# What Purpose?



## GEORGE D (Apr 2, 2009)

Any idea why these fuses have been incorporated into this lighting control cabinet considering all circuits are fed from 20 amp breakers? The lights are just 6 lamp T5 highbays. Ever so often I have to come change a fuse. (Not complaining just curious)


----------



## Wirenuting (Sep 12, 2010)

Better to pop a low fuse then to let a bad light cycle on and off until its destroyed. 
We have done that here because the re-lamping isn't done until a large number of lights burn out. 

That's my guess on the fuse.


----------



## Dennis Alwon (May 9, 2009)

What size fuses are they? Fuses do trip faster than breakers


----------



## GEORGE D (Apr 2, 2009)

Dennis Alwon said:


> What size fuses are they? Fuses do trip faster than breakers


20 amp fuses, still doesn't make sense to me for lights to need fast-acting ocpd.


----------



## EBFD6 (Aug 17, 2008)

GEORGE D said:


> 20 amp fuses, still doesn't make sense to me for lights to need fast-acting ocpd.


They aren't for fast acting over current protection. 

The are fast acting short circuit and ground fault protection.


----------



## GEORGE D (Apr 2, 2009)

EBFD6 said:


> They aren't for fast acting over current protection.
> 
> The are fast acting short circuit and ground fault protection.


Doesn't a breaker react fast enough for SC GF protection? Still makes no sense to me.


----------



## Dennis Alwon (May 9, 2009)

GEORGE D said:


> Doesn't a breaker react fast enough for SC GF protection? Still makes no sense to me.



Yes but a fuse is even quicker which can protect the equipment from damage. You see it on some a/c units. Why it is necessary for lights I don't know.

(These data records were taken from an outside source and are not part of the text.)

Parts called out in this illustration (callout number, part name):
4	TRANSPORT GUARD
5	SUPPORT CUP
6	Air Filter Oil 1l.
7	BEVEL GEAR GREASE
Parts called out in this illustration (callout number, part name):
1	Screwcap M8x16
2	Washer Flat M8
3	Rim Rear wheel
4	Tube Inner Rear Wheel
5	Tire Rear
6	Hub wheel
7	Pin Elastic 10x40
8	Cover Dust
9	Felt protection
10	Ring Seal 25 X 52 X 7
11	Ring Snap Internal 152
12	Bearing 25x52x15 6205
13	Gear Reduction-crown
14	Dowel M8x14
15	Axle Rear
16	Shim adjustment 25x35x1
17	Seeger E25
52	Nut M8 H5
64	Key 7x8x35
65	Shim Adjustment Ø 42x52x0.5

Do you have to do anything else when you change the fuse? I don't know enough about it but it would seem if the fuse blows then something is causing that problem.


----------



## GEORGE D (Apr 2, 2009)

Dennis Alwon said:


> Yes but a fuse is even quicker which can protect the equipment from damage. You see it on some a/c units. Why it is necessary for lights I don't know.
> 
> Do you have to do anything else when you change the fuse? I don't know enough about it but it would seem if the fuse blows then something is causing that problem.


this happens about once every other month. Next time i'm there I will get on phone with EMS company and have them cycle lights on and off to get an amp measurement on lighting strartup. The electrical room is remote from building, in its own modular type building, and the distance may be the problem (#12's possibly 300-500' @277 volt). I didn't have time today to even attempt that but will eventually. On the other hand that's a guaranteed service call ever so often!


----------



## frenchelectrican (Mar 15, 2007)

Sometime when you get the power surge the voltage and current do increase pretty fast which the convential circuit breaker is not reacting quick enough to prevent any damage to the electrionic loads which they will use the fast acting fuse.

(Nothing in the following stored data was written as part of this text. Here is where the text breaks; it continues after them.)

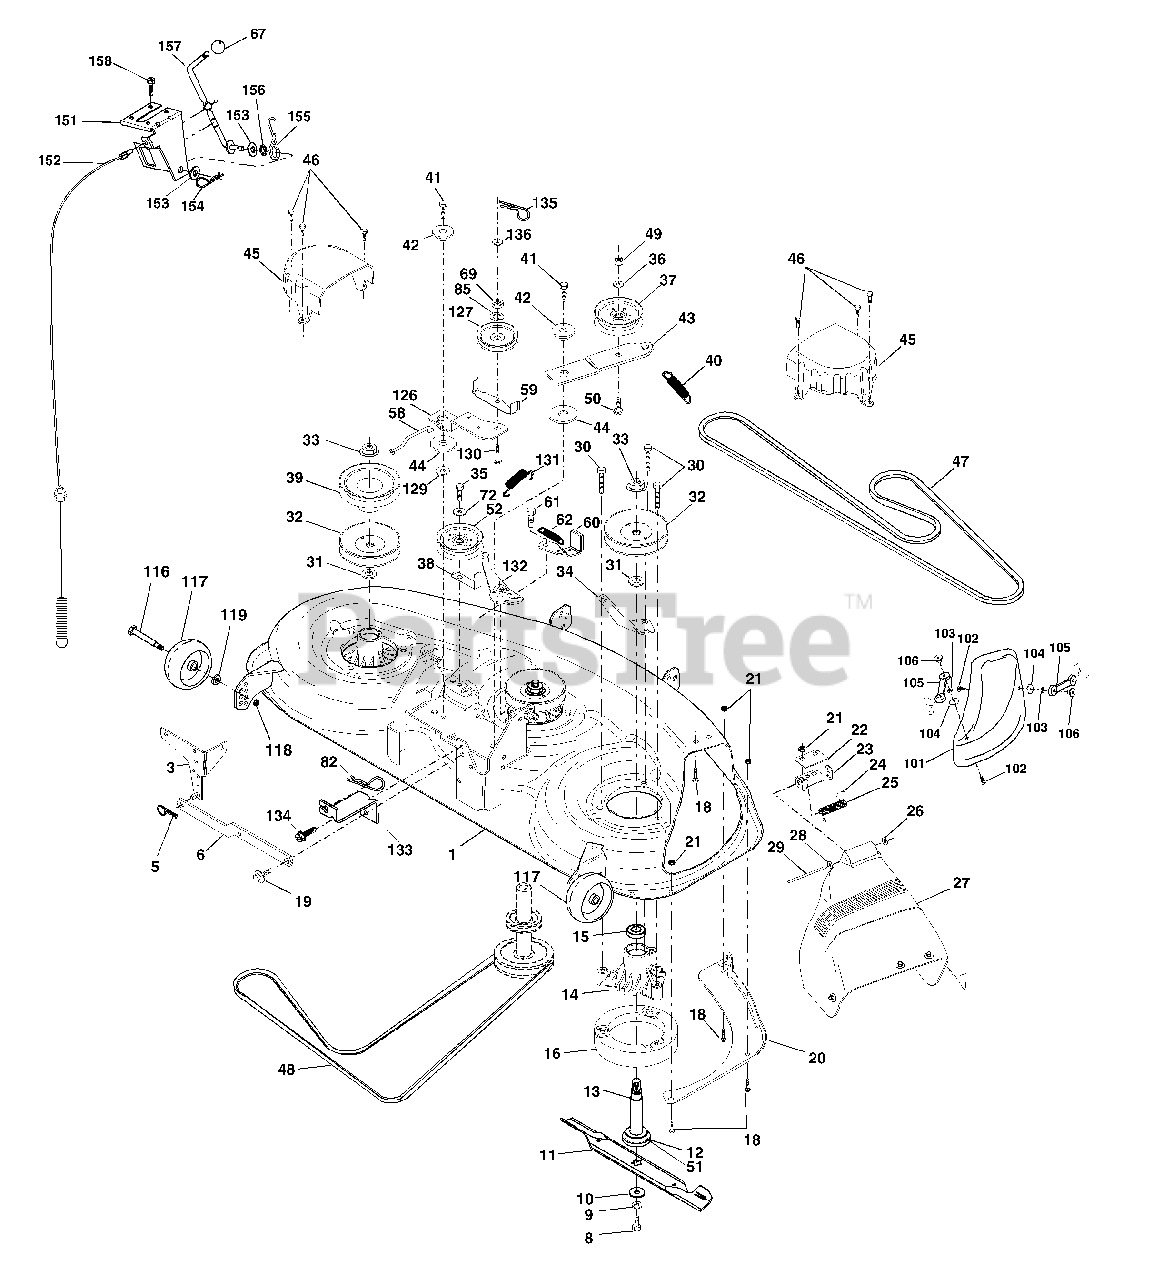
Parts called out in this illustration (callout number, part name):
1	Deck Asm., Mower 46"
3	Bracket Asm., Sway Bar
5	Retainer Spring
6	Arm, Suspension, Rear (Sway Bar)
8	Bolt, Patched 3/8-24 x 1-1/4 Gr. 8
9	Washer, Lock Hvy., Unplated 3/8
10	Washer, Hard Blade, Mower Vented
11	Blade Hi-Perf 46"
12	Bearing, Ball, Mandrel #6204
13	Shaft Asm. w/Lower Bearing
14	Housing, Mandrel
15	Bearing, Ball, Mandrel
16	Stripper, Mower Round
18	Bolt, Carriage 5/16-18 x 5/8
19	Bolt, Hex Head, Shoulder 5/16-18
20	Baffle, Vortex Mower 46"
21	Nut, Crownlock 5/16-18 UNC
22	Stiffiner, Bracket
23	Bracket, Deflector
24	Cap, Sleeve
25	Spring, Torsion, Deflector
26	Nut, Push
27	Shield, Deflector Mower
28	Washer 11/32 x 5/8 x 16 Ga.
29	Rod, Hinge
30	Screw, Thdroll Washer Head
31	Washer, Spacer Mower Vented
32	Pulley, Mandrel
33	Nut, Flg. Top Lock Cntr. 9/16
34	Anchor, Spring Deck 46"
35	Screw, Thdroll 3/8-16 x 1-3/4 Tytt
37	Pulley, Idler, Flat
38	Keeper, Belt, Idler
39	Pulley, Idler, Driven
40	Spring, Secondary 44/46/50 Vent
41	Screw 3/8-16 x 1-1/4
42	Spacer, Retainer
43	Arm, Idler Secondary
44	Washer, Hardened
45	Cover, Mandrel Deck
46	Screw, Thdroll. 1/4-20 x 5/8
47	V-Belt, Mower, Secondary
48	V-Belt, Mower, Primary
49	Nut, Crownlock 3/8-16 UNC
50	Bolt, Carriage 3/8-16 x 1-1/2 Gr. 5
51	Washer Felt
52	Pulley Idler Flat
58	Rod Brake 46"
59	Guide Bolt 46" Mower Dr
60	Arm Asm Brake 46"
61	Bolt Shld 5/16-18
62	Spring Return
67	Knob Rd 3/8-16 Plstc Thds Blk
69	Nut Hex Jam 3/8-16 Unc
72	Washer 13/32 x 1 x 16 Ga.
82	Retainer Spring
85	Washer Lock 3/8
101	Cover Mulcher 46" Black
102	Screw Truss Hd Phil 10-24 x 5/8
103	Washer Lock #10
104	Washer #10
105	Latch Asm Bagger
106	Nut Weld .327/.304 #10-24
116	Bolt, Shoulder
117	Gauge Wheel
118	Nut, Centerlock 3/8-16 UNC
119	Washer 3/8 x 7/8 x 14 Ga.
126	Arm, Idler, Primary Deck 46"
127	Pulley, Idler, V-Groove Dim. 4.25
129	Washer 13/32 x 2-3/8 x 8 Ga
130	Bolt Carriage Idler
131	SPring Return Idler
132	Arm Spring Brake Mower
133	Bracket Anchor Cable 46"
134	Screw Thdrol 5/16-18 x 3/4
135	Retainer Spring Yellow
136	Washer 9/32 x 3/4 x 16 Ga
151	Bracket Clutch Cable
152	Clutch Cable 38"/46"
153	Washer Flat 3/8" Type B
154	Spring Retainer
155	Spring Retension Q
156	SPacer Clutch Cable
157	Rod Clutch Cable 3/8"
158	Screw Hex Thd Cut 1/4-20 x 5/8

I have done replaceing few fuse when it done the job as supposed to be even thru I know someone did install a very fast acting class A breaker some case it still not fast engough to inturpt the short circuit.

Merci,
Marc


----------



## Big John (May 23, 2010)

If it's a lighting panel, are the fuses in front of relays that control the lights? A short circuit can destroy a solid-state relay before a thermal breaker would ever trip, so the fast-acting fusing may be an attempt to protect the panel itself.


----------



## Dennis Alwon (May 9, 2009)

Big John said:


> If it's a lighting panel, are the fuses in front of relays that control the lights? A short circuit can destroy a solid-state relay before a thermal breaker would ever trip, so the fast-acting fusing may be an attempt to protect the panel itself.


That makes total sense.


----------



## GEORGE D (Apr 2, 2009)

Big John said:


> If it's a lighting panel, are the fuses in front of relays that control the lights? A short circuit can destroy a solid-state relay before a thermal breaker would ever trip, so the fast-acting fusing may be an attempt to protect the panel itself.


Okay that's probably the case considering it has all the components mentioned ,thanks


----------